- _Problem to solve_
Pick every line out of the entries below that has the string "color", and copy it.
(Supplied material begins)
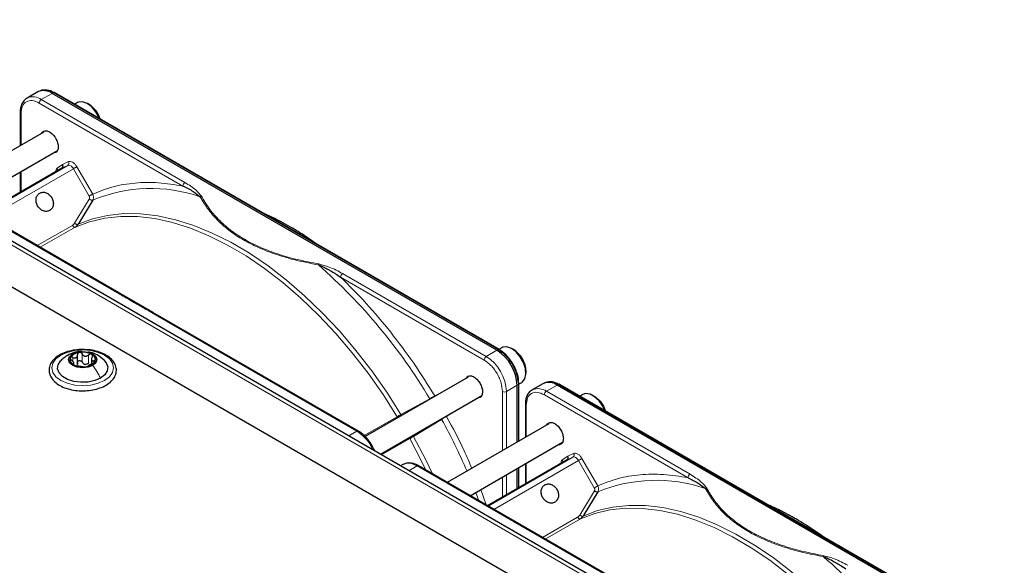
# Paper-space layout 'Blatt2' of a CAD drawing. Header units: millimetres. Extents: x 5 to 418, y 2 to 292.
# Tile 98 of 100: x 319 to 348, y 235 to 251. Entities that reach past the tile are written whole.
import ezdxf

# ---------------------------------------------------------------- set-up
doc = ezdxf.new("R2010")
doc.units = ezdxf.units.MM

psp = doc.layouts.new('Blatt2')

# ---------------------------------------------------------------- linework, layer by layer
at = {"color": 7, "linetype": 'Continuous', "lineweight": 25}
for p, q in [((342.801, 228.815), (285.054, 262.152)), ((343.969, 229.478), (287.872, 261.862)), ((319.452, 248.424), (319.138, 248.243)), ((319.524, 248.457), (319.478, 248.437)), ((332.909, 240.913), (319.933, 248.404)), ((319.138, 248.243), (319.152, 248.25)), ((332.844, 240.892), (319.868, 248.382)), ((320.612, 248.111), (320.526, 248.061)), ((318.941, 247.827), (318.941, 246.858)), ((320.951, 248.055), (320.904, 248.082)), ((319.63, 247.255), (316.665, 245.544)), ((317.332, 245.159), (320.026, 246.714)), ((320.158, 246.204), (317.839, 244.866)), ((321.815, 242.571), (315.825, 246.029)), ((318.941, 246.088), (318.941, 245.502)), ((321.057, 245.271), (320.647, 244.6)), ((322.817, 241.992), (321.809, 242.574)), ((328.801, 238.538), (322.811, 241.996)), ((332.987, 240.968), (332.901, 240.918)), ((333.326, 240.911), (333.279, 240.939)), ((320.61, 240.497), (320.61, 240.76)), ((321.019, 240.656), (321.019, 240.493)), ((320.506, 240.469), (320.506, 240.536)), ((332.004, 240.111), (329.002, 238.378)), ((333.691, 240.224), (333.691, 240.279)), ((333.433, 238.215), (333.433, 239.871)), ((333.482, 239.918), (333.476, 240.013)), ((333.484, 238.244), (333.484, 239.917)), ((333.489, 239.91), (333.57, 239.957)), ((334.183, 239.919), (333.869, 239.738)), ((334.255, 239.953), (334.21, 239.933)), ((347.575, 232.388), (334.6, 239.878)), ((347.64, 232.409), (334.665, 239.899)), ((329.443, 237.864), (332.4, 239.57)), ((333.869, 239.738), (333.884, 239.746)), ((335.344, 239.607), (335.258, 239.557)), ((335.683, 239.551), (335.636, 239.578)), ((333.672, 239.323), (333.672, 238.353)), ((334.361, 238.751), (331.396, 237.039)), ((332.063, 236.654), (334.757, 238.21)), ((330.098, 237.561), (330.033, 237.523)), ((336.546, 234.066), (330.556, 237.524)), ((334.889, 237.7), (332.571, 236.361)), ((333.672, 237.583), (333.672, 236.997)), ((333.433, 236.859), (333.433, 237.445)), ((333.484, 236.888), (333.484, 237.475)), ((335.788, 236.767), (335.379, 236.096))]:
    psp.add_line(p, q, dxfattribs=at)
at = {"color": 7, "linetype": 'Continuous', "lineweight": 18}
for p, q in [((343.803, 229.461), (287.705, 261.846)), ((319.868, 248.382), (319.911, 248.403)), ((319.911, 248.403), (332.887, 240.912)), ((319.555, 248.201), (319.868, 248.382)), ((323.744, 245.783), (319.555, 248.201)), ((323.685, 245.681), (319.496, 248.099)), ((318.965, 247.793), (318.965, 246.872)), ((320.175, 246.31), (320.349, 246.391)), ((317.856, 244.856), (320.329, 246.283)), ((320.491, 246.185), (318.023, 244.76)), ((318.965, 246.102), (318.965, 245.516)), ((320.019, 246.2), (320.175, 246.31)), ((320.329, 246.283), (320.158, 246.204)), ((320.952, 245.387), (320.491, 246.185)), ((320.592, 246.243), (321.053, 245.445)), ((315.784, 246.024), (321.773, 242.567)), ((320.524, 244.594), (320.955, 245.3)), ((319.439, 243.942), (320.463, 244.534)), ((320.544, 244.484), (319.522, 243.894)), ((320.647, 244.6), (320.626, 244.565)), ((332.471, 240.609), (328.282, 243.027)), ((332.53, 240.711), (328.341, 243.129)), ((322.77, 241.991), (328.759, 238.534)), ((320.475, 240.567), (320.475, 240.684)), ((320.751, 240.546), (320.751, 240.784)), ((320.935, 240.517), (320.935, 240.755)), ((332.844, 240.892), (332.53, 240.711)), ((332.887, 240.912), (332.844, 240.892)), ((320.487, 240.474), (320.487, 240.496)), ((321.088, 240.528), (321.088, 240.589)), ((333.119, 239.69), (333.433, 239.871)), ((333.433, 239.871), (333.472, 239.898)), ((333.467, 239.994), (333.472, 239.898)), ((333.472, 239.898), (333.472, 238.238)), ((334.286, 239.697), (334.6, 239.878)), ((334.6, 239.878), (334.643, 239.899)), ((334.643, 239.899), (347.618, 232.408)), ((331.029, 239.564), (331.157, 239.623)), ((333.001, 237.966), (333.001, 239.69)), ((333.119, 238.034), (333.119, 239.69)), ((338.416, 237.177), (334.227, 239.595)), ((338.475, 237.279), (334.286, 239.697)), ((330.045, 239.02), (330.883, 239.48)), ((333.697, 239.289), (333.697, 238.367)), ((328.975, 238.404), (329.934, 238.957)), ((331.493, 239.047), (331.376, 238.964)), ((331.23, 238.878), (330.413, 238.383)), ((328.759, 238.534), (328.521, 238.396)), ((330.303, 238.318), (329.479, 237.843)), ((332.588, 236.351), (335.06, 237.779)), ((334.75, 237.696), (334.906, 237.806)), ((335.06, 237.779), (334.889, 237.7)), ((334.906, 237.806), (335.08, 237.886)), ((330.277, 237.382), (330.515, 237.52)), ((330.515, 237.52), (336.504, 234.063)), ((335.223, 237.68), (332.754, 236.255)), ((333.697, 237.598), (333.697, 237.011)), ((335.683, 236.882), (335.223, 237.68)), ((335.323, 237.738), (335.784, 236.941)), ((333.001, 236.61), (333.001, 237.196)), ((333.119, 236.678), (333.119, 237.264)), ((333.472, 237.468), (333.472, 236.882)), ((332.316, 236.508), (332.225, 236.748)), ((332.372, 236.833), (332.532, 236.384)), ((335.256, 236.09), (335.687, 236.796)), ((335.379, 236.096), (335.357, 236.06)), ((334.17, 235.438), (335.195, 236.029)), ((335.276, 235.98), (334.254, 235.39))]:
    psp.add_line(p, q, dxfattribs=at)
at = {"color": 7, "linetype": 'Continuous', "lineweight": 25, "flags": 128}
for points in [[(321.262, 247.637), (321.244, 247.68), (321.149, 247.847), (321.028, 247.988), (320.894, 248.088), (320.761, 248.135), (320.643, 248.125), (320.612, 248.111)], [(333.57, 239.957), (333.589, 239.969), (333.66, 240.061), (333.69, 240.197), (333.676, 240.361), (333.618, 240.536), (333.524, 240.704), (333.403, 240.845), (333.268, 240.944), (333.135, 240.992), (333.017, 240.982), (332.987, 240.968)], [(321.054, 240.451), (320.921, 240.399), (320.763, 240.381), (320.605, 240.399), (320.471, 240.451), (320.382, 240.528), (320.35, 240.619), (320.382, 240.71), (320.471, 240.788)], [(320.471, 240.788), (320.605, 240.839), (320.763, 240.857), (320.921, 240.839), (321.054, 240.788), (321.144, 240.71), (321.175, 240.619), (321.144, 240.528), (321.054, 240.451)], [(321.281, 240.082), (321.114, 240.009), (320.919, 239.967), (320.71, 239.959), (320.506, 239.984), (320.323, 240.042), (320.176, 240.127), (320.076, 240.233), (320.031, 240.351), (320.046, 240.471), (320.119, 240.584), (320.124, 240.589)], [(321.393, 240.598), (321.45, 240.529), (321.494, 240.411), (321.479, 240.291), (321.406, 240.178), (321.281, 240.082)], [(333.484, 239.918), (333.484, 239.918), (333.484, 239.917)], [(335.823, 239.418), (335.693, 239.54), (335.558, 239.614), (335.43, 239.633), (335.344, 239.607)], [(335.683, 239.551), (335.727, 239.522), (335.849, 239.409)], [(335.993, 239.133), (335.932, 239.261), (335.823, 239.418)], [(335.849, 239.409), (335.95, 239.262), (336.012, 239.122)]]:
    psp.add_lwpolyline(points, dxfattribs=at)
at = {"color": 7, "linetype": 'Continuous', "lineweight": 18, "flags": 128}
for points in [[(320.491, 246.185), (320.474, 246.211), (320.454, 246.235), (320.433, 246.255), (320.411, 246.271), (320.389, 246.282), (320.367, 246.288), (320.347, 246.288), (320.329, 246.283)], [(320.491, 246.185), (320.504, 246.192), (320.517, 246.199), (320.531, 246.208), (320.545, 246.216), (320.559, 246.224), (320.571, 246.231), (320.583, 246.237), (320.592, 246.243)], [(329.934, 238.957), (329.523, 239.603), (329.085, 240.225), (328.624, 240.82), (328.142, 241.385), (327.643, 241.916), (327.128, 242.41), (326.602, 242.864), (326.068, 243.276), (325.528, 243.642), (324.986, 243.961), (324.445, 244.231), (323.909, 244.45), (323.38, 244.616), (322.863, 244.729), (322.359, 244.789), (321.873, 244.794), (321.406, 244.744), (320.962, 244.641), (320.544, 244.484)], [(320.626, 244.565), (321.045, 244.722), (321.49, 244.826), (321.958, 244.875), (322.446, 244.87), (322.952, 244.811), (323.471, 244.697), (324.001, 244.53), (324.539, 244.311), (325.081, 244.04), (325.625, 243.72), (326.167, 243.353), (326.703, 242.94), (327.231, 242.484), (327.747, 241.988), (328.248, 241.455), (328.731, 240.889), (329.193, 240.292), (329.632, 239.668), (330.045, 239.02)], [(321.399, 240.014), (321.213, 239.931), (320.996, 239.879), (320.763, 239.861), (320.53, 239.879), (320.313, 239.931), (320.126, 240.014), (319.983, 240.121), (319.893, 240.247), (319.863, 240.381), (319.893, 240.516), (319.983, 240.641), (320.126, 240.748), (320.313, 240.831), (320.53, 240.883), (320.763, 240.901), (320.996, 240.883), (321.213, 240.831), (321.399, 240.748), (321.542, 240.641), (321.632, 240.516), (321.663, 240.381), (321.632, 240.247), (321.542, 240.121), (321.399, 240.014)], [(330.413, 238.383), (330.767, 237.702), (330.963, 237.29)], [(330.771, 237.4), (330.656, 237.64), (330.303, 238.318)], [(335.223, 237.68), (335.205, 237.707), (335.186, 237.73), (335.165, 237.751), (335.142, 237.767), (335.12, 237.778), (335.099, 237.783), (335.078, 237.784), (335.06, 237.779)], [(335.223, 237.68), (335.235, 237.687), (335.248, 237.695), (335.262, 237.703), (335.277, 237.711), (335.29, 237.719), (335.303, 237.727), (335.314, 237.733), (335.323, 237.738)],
(Supplied material ends)
- _Solution_
at = {"color": 7, "linetype": 'Continuous', "lineweight": 25}
at = {"color": 7, "linetype": 'Continuous', "lineweight": 18}
at = {"color": 7, "linetype": 'Continuous', "lineweight": 25, "flags": 128}
at = {"color": 7, "linetype": 'Continuous', "lineweight": 18, "flags": 128}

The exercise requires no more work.